--- Data shown ---

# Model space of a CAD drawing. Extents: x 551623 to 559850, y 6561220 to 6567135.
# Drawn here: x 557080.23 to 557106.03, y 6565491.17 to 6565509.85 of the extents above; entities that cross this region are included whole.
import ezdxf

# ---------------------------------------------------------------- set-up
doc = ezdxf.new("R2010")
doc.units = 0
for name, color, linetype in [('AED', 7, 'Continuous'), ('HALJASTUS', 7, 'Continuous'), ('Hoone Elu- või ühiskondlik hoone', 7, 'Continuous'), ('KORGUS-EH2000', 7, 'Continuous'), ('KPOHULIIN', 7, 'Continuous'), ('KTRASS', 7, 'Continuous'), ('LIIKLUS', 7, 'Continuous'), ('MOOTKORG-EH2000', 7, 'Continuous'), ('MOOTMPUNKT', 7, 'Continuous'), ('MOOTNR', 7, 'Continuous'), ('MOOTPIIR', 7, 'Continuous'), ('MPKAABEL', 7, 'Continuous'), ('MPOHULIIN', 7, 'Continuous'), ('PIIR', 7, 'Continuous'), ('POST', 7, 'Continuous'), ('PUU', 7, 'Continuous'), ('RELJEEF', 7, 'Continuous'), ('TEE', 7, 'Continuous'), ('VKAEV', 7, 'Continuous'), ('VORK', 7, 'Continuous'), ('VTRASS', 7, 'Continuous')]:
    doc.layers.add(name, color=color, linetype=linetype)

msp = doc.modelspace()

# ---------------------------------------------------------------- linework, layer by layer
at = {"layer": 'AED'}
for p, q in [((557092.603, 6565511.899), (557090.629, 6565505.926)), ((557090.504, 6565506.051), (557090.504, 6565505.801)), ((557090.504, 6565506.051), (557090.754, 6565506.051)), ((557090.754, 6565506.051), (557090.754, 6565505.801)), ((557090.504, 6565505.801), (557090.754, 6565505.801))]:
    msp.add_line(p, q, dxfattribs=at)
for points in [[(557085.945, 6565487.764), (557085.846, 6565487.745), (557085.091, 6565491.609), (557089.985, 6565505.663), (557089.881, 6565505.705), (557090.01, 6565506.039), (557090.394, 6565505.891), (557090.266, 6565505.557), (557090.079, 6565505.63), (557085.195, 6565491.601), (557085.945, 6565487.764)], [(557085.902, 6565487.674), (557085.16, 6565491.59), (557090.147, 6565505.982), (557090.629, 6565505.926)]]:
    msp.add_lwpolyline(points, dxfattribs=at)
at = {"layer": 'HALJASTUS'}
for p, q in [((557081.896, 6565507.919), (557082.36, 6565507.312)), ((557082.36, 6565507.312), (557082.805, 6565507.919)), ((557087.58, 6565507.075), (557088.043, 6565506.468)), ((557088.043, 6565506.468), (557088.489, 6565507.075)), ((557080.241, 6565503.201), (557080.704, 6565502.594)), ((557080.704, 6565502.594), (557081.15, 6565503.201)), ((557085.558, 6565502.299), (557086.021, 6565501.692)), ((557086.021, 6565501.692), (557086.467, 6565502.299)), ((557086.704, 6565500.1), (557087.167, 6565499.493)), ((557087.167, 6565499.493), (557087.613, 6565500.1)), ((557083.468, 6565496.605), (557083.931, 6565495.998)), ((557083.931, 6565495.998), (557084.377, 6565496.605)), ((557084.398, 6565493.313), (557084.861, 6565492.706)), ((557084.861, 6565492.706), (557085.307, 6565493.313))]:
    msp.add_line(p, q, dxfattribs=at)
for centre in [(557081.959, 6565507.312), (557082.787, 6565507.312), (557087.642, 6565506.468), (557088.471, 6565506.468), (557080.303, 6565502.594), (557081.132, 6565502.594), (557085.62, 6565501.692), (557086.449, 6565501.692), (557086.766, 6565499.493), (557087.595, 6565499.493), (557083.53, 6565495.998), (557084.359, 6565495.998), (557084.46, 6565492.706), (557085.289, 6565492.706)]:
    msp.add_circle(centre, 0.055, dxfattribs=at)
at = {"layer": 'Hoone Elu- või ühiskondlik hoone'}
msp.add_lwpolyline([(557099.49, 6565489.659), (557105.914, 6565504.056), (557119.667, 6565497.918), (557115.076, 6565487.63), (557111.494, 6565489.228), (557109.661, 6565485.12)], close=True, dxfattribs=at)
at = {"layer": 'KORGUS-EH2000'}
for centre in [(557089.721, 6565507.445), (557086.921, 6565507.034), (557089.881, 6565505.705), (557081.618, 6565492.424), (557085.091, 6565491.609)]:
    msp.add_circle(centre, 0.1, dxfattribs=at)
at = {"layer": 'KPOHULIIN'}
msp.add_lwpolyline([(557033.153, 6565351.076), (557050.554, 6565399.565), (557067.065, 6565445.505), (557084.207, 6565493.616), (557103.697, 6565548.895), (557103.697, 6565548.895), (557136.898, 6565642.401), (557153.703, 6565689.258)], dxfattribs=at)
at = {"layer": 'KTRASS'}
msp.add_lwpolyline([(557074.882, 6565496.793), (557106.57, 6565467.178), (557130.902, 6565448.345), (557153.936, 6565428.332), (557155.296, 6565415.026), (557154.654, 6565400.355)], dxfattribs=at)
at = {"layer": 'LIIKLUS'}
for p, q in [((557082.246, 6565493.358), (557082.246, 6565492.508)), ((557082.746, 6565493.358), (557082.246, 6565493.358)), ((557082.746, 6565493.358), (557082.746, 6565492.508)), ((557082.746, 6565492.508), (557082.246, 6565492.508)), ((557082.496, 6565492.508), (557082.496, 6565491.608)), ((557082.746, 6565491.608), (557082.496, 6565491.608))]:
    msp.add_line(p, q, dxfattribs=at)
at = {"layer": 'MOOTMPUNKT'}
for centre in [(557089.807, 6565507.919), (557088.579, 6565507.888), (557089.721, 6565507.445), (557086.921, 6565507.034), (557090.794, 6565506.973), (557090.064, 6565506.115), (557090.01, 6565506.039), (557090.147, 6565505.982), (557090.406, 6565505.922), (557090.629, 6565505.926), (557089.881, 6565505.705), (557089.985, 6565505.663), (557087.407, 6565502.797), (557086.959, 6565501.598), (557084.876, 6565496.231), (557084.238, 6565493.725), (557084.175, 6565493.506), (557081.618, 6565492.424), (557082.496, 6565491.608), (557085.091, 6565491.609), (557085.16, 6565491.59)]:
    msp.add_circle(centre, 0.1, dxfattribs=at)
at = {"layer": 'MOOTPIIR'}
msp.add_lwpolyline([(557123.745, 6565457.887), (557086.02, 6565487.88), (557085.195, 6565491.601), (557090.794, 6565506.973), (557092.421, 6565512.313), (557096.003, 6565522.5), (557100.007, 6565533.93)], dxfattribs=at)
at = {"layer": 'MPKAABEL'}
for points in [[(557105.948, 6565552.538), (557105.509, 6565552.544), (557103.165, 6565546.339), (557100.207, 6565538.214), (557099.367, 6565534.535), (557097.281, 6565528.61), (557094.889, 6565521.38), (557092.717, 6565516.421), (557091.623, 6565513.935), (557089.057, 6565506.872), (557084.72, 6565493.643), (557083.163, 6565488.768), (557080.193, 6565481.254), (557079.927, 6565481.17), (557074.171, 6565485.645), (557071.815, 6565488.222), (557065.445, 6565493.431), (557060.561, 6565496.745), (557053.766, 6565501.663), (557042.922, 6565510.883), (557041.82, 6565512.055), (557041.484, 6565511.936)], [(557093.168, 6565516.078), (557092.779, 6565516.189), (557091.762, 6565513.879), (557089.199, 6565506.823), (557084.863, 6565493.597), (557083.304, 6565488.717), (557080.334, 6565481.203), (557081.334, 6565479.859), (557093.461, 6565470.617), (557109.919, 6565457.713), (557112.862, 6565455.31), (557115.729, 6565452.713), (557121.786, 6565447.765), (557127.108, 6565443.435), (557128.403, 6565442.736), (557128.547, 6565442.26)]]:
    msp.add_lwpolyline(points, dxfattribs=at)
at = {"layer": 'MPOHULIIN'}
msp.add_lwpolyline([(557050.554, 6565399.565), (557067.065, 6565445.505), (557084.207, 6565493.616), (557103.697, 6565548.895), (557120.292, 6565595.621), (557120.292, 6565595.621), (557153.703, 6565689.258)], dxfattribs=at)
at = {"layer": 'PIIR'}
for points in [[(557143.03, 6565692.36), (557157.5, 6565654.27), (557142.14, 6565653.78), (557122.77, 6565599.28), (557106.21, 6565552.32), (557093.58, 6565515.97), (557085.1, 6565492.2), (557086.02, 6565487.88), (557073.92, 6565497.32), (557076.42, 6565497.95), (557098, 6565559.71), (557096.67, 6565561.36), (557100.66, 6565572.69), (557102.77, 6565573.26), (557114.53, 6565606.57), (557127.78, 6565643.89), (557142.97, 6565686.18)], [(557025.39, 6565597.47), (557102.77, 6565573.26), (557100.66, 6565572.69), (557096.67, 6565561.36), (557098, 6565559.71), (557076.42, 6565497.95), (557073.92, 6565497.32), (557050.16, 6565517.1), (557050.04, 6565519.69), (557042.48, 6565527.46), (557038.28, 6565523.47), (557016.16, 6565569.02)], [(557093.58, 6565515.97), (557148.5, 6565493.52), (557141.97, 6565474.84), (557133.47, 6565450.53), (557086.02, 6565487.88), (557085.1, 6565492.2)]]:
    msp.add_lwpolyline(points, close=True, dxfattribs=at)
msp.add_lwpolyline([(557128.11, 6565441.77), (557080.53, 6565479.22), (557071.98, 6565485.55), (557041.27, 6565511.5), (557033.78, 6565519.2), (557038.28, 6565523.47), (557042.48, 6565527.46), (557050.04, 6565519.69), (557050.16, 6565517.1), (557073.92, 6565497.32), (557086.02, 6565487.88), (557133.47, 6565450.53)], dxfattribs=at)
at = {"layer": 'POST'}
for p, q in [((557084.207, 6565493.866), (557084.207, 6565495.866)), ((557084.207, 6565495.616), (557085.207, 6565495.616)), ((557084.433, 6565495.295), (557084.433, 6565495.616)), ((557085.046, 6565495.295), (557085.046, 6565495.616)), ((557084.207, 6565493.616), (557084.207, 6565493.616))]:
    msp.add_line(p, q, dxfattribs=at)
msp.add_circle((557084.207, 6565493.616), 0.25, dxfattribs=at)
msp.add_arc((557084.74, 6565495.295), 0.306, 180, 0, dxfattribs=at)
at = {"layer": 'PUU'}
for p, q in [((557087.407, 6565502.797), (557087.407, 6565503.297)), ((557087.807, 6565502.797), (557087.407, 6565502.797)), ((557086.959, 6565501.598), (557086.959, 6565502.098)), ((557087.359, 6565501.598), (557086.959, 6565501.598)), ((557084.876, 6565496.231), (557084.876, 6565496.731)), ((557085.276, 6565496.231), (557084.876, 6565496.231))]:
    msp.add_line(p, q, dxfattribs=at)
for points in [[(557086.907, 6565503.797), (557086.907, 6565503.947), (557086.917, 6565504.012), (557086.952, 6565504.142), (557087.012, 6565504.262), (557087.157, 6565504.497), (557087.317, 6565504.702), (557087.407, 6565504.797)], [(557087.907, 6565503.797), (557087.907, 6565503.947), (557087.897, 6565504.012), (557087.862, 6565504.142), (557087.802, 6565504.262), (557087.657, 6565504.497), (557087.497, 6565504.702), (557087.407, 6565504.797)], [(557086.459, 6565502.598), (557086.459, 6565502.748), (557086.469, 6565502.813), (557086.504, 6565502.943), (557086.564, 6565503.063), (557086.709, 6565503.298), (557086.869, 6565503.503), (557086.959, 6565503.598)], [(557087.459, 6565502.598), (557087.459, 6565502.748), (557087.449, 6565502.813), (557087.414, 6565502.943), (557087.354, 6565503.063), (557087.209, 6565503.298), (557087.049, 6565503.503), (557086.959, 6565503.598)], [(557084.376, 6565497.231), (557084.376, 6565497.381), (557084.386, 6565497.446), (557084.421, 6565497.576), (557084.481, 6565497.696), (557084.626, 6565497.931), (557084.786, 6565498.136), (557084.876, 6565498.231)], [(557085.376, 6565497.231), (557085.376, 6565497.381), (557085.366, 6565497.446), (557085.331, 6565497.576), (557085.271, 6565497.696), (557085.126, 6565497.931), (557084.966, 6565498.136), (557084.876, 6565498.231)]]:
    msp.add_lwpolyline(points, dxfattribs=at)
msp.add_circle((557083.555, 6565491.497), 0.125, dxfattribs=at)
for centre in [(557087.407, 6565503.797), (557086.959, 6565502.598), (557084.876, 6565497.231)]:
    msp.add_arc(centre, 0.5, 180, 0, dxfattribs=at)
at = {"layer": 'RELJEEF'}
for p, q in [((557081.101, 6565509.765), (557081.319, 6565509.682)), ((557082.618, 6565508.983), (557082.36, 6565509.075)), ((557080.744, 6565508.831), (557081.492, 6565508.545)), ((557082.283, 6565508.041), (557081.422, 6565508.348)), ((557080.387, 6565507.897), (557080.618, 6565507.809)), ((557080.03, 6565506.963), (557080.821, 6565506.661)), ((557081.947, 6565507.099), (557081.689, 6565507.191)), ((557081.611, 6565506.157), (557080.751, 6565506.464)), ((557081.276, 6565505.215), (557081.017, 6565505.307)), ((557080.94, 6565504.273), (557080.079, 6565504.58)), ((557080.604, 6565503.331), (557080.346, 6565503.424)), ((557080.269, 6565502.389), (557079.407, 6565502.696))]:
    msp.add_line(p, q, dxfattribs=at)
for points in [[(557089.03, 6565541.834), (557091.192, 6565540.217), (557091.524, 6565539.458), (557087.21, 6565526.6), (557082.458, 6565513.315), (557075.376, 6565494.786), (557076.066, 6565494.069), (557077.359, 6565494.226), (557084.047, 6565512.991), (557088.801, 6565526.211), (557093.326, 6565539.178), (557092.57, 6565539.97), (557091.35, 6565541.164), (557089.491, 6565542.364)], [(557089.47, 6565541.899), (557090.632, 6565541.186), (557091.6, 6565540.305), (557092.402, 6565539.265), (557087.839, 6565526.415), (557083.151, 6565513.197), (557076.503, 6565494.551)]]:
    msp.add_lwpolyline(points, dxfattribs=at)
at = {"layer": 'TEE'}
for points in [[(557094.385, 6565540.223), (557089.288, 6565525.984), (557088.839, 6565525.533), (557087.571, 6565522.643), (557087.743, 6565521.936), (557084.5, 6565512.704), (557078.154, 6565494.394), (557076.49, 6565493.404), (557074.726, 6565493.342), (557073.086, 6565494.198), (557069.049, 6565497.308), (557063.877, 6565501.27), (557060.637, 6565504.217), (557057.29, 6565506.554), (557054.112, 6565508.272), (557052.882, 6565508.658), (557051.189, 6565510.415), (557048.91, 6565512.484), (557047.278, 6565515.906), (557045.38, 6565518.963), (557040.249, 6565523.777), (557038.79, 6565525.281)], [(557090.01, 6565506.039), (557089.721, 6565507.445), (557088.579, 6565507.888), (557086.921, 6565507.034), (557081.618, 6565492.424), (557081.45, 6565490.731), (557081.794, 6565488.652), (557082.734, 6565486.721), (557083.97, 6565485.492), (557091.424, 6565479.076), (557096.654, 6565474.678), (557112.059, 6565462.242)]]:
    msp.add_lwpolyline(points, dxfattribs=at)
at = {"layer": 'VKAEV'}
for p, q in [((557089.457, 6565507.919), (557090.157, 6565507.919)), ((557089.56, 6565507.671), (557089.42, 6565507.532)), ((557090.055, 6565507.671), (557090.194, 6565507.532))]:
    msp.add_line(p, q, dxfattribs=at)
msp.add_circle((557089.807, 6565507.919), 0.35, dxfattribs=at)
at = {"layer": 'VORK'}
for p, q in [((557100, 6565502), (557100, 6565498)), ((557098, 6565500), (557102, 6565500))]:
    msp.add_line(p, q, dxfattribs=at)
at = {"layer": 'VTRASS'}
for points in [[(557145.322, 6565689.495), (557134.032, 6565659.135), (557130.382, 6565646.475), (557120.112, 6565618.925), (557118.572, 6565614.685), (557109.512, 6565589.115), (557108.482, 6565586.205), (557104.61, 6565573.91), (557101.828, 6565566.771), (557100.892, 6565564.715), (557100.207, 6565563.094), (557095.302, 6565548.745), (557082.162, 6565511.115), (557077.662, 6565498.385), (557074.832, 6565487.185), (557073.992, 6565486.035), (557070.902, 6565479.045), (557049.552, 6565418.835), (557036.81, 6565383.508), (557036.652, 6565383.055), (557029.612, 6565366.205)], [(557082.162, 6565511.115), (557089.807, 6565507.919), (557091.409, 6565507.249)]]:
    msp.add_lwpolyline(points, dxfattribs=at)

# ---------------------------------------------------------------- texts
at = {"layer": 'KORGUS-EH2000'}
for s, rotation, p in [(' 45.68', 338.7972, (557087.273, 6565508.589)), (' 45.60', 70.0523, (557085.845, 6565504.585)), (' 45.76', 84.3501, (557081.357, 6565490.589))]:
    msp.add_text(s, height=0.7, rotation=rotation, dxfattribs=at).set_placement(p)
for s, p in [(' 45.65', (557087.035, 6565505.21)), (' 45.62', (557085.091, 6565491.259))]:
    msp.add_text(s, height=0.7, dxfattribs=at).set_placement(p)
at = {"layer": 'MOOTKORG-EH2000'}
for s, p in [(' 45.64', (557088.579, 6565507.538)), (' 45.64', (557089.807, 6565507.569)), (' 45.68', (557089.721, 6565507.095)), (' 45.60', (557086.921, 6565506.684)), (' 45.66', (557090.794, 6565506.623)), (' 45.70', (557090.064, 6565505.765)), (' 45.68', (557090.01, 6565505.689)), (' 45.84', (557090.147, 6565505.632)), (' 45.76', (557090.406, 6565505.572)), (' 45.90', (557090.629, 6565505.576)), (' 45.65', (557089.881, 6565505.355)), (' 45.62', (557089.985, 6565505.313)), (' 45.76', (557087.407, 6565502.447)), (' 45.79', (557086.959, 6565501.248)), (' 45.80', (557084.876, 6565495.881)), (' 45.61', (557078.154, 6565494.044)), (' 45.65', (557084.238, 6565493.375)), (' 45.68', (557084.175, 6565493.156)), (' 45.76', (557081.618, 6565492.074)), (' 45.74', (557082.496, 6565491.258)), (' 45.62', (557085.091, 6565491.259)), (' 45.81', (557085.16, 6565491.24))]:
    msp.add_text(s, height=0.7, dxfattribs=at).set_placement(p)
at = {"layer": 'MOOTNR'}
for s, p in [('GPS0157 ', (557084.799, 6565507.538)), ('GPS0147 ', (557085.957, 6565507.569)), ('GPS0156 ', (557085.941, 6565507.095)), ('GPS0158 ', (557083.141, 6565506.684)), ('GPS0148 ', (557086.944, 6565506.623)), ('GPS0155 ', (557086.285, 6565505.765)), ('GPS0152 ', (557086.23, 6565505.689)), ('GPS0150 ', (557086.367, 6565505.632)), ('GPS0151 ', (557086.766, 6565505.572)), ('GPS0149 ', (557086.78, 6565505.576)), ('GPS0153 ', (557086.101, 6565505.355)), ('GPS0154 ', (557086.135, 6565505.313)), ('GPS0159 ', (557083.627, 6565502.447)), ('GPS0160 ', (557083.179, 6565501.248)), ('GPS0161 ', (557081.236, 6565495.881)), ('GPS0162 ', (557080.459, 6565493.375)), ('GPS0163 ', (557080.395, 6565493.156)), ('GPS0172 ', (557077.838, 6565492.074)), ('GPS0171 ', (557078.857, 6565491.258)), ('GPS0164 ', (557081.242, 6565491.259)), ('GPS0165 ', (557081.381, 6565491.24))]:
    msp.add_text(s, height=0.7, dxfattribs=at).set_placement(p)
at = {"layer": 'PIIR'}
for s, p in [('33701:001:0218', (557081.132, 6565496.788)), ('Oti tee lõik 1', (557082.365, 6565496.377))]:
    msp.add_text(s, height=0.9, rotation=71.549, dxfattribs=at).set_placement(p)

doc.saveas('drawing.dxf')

---

Read the entries and pick out all lines that include the word "close".

▸ Output for this task:
msp.add_lwpolyline([(557099.49, 6565489.659), (557105.914, 6565504.056), (557119.667, 6565497.918), (557115.076, 6565487.63), (557111.494, 6565489.228), (557109.661, 6565485.12)], close=True, dxfattribs=at)
    msp.add_lwpolyline(points, close=True, dxfattribs=at)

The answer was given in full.